| TASK ITEM |
After locating "#584 = DIRECTION('',(-0.,1.));" in the listing below, copy that line and each one after it exactly, ending with the line that has "#589 = CARTESIAN_POINT('',(-29.,49.,-30.));".

| DATA SHOWN |
══════

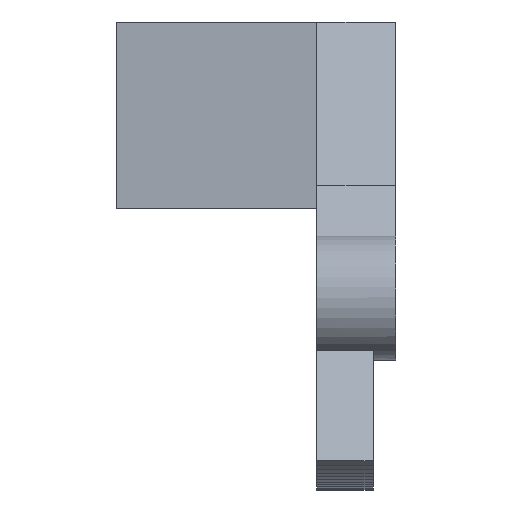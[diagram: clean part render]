
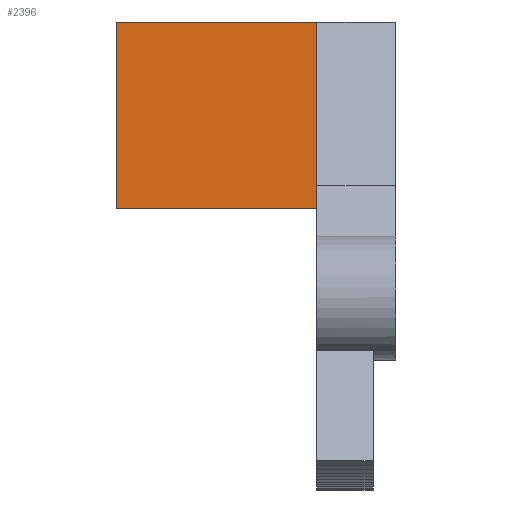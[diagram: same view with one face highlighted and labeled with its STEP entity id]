
A CAD part, top view. The second image highlights one B-rep face of the part: STEP entity #2396.
In plain terms, the highlighted planar face has unit normal (0, 0, 1).
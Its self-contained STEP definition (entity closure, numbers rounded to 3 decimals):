
#102 = PLANE('',#103);
#103 = AXIS2_PLACEMENT_3D('',#104,#105,#106);
#104 = CARTESIAN_POINT('',(6.5,0.,0.));
#105 = DIRECTION('',(1.,-0.,-0.));
#106 = DIRECTION('',(0.,0.,-1.));
#328 = PLANE('',#329);
#329 = AXIS2_PLACEMENT_3D('',#330,#331,#332);
#330 = CARTESIAN_POINT('',(6.5,49.,-34.));
#331 = DIRECTION('',(-0.,1.,-0.));
#332 = DIRECTION('',(0.,0.,-1.));
#549 = VERTEX_POINT('',#550);
#550 = CARTESIAN_POINT('',(6.5,49.,-30.));
#571 = EDGE_CURVE('',#572,#549,#574,.T.);
#572 = VERTEX_POINT('',#573);
#573 = CARTESIAN_POINT('',(6.5,16.,-30.));
#574 = SURFACE_CURVE('',#575,(#579,#586),.PCURVE_S1.);
#575 = LINE('',#576,#577);
#576 = CARTESIAN_POINT('',(6.5,24.5,-30.));
#577 = VECTOR('',#578,1.);
#578 = DIRECTION('',(-0.,1.,-0.));
#579 = PCURVE('',#102,#580);
#580 = DEFINITIONAL_REPRESENTATION('',(#581),#585);
#581 = LINE('',#582,#583);
#582 = CARTESIAN_POINT('',(30.,24.5));
#583 = VECTOR('',#584,1.);
#584 = DIRECTION('',(-0.,1.));
#585 = ( GEOMETRIC_REPRESENTATION_CONTEXT(2) 
PARAMETRIC_REPRESENTATION_CONTEXT() REPRESENTATION_CONTEXT('2D SPACE',''
  ) );
#586 = PCURVE('',#587,#592);
#587 = PLANE('',#588);
#588 = AXIS2_PLACEMENT_3D('',#589,#590,#591);
#589 = CARTESIAN_POINT('',(-29.,49.,-30.));
#590 = DIRECTION('',(0.,0.,1.));
#591 = DIRECTION('',(-1.,0.,0.));
#592 = DEFINITIONAL_REPRESENTATION('',(#593),#597);
#593 = LINE('',#594,#595);
#594 = CARTESIAN_POINT('',(-35.5,24.5));
#595 = VECTOR('',#596,1.);
#596 = DIRECTION('',(-0.,-1.));
#597 = ( GEOMETRIC_REPRESENTATION_CONTEXT(2) 
PARAMETRIC_REPRESENTATION_CONTEXT() REPRESENTATION_CONTEXT('2D SPACE',''
  ) );
#615 = PLANE('',#616);
#616 = AXIS2_PLACEMENT_3D('',#617,#618,#619);
#617 = CARTESIAN_POINT('',(-29.,16.,-58.));
#618 = DIRECTION('',(0.,-1.,0.));
#619 = DIRECTION('',(0.,0.,-1.));
#2078 = EDGE_CURVE('',#2079,#549,#2081,.T.);
#2079 = VERTEX_POINT('',#2080);
#2080 = CARTESIAN_POINT('',(-29.,49.,-30.));
#2081 = SURFACE_CURVE('',#2082,(#2086,#2093),.PCURVE_S1.);
#2082 = LINE('',#2083,#2084);
#2083 = CARTESIAN_POINT('',(-29.,49.,-30.));
#2084 = VECTOR('',#2085,1.);
#2085 = DIRECTION('',(1.,0.,-0.));
#2086 = PCURVE('',#328,#2087);
#2087 = DEFINITIONAL_REPRESENTATION('',(#2088),#2092);
#2088 = LINE('',#2089,#2090);
#2089 = CARTESIAN_POINT('',(-4.,35.5));
#2090 = VECTOR('',#2091,1.);
#2091 = DIRECTION('',(-0.,-1.));
#2092 = ( GEOMETRIC_REPRESENTATION_CONTEXT(2) 
PARAMETRIC_REPRESENTATION_CONTEXT() REPRESENTATION_CONTEXT('2D SPACE',''
  ) );
#2093 = PCURVE('',#587,#2094);
#2094 = DEFINITIONAL_REPRESENTATION('',(#2095),#2099);
#2095 = LINE('',#2096,#2097);
#2096 = CARTESIAN_POINT('',(-0.,-0.));
#2097 = VECTOR('',#2098,1.);
#2098 = DIRECTION('',(-1.,0.));
#2099 = ( GEOMETRIC_REPRESENTATION_CONTEXT(2) 
PARAMETRIC_REPRESENTATION_CONTEXT() REPRESENTATION_CONTEXT('2D SPACE',''
  ) );
#2117 = PLANE('',#2118);
#2118 = AXIS2_PLACEMENT_3D('',#2119,#2120,#2121);
#2119 = CARTESIAN_POINT('',(-29.,49.,-58.));
#2120 = DIRECTION('',(1.,-0.,-0.));
#2121 = DIRECTION('',(0.,0.,-1.));
#2396 = ADVANCED_FACE('',(#2397),#587,.T.);
#2397 = FACE_BOUND('',#2398,.F.);
#2398 = EDGE_LOOP('',(#2399,#2422,#2443,#2444));
#2399 = ORIENTED_EDGE('',*,*,#2400,.F.);
#2400 = EDGE_CURVE('',#2401,#572,#2403,.T.);
#2401 = VERTEX_POINT('',#2402);
#2402 = CARTESIAN_POINT('',(-29.,16.,-30.));
#2403 = SURFACE_CURVE('',#2404,(#2408,#2415),.PCURVE_S1.);
#2404 = LINE('',#2405,#2406);
#2405 = CARTESIAN_POINT('',(-29.,16.,-30.));
#2406 = VECTOR('',#2407,1.);
#2407 = DIRECTION('',(1.,0.,-0.));
#2408 = PCURVE('',#587,#2409);
#2409 = DEFINITIONAL_REPRESENTATION('',(#2410),#2414);
#2410 = LINE('',#2411,#2412);
#2411 = CARTESIAN_POINT('',(-0.,33.));
#2412 = VECTOR('',#2413,1.);
#2413 = DIRECTION('',(-1.,0.));
#2414 = ( GEOMETRIC_REPRESENTATION_CONTEXT(2) 
PARAMETRIC_REPRESENTATION_CONTEXT() REPRESENTATION_CONTEXT('2D SPACE',''
  ) );
#2415 = PCURVE('',#615,#2416);
#2416 = DEFINITIONAL_REPRESENTATION('',(#2417),#2421);
#2417 = LINE('',#2418,#2419);
#2418 = CARTESIAN_POINT('',(-28.,0.));
#2419 = VECTOR('',#2420,1.);
#2420 = DIRECTION('',(-0.,1.));
#2421 = ( GEOMETRIC_REPRESENTATION_CONTEXT(2) 
PARAMETRIC_REPRESENTATION_CONTEXT() REPRESENTATION_CONTEXT('2D SPACE',''
  ) );
#2422 = ORIENTED_EDGE('',*,*,#2423,.F.);
#2423 = EDGE_CURVE('',#2079,#2401,#2424,.T.);
#2424 = SURFACE_CURVE('',#2425,(#2429,#2436),.PCURVE_S1.);
#2425 = LINE('',#2426,#2427);
#2426 = CARTESIAN_POINT('',(-29.,49.,-30.));
#2427 = VECTOR('',#2428,1.);
#2428 = DIRECTION('',(0.,-1.,0.));
#2429 = PCURVE('',#587,#2430);
#2430 = DEFINITIONAL_REPRESENTATION('',(#2431),#2435);
#2431 = LINE('',#2432,#2433);
#2432 = CARTESIAN_POINT('',(-0.,-0.));
#2433 = VECTOR('',#2434,1.);
#2434 = DIRECTION('',(-0.,1.));
#2435 = ( GEOMETRIC_REPRESENTATION_CONTEXT(2) 
PARAMETRIC_REPRESENTATION_CONTEXT() REPRESENTATION_CONTEXT('2D SPACE',''
  ) );
#2436 = PCURVE('',#2117,#2437);
#2437 = DEFINITIONAL_REPRESENTATION('',(#2438),#2442);
#2438 = LINE('',#2439,#2440);
#2439 = CARTESIAN_POINT('',(-28.,0.));
#2440 = VECTOR('',#2441,1.);
#2441 = DIRECTION('',(-0.,-1.));
#2442 = ( GEOMETRIC_REPRESENTATION_CONTEXT(2) 
PARAMETRIC_REPRESENTATION_CONTEXT() REPRESENTATION_CONTEXT('2D SPACE',''
  ) );
#2443 = ORIENTED_EDGE('',*,*,#2078,.T.);
#2444 = ORIENTED_EDGE('',*,*,#571,.F.);

══════

| COMPLETED EXERCISE |
#584 = DIRECTION('',(-0.,1.));
#585 = ( GEOMETRIC_REPRESENTATION_CONTEXT(2) 
PARAMETRIC_REPRESENTATION_CONTEXT() REPRESENTATION_CONTEXT('2D SPACE',''
  ) );
#586 = PCURVE('',#587,#592);
#587 = PLANE('',#588);
#588 = AXIS2_PLACEMENT_3D('',#589,#590,#591);
#589 = CARTESIAN_POINT('',(-29.,49.,-30.));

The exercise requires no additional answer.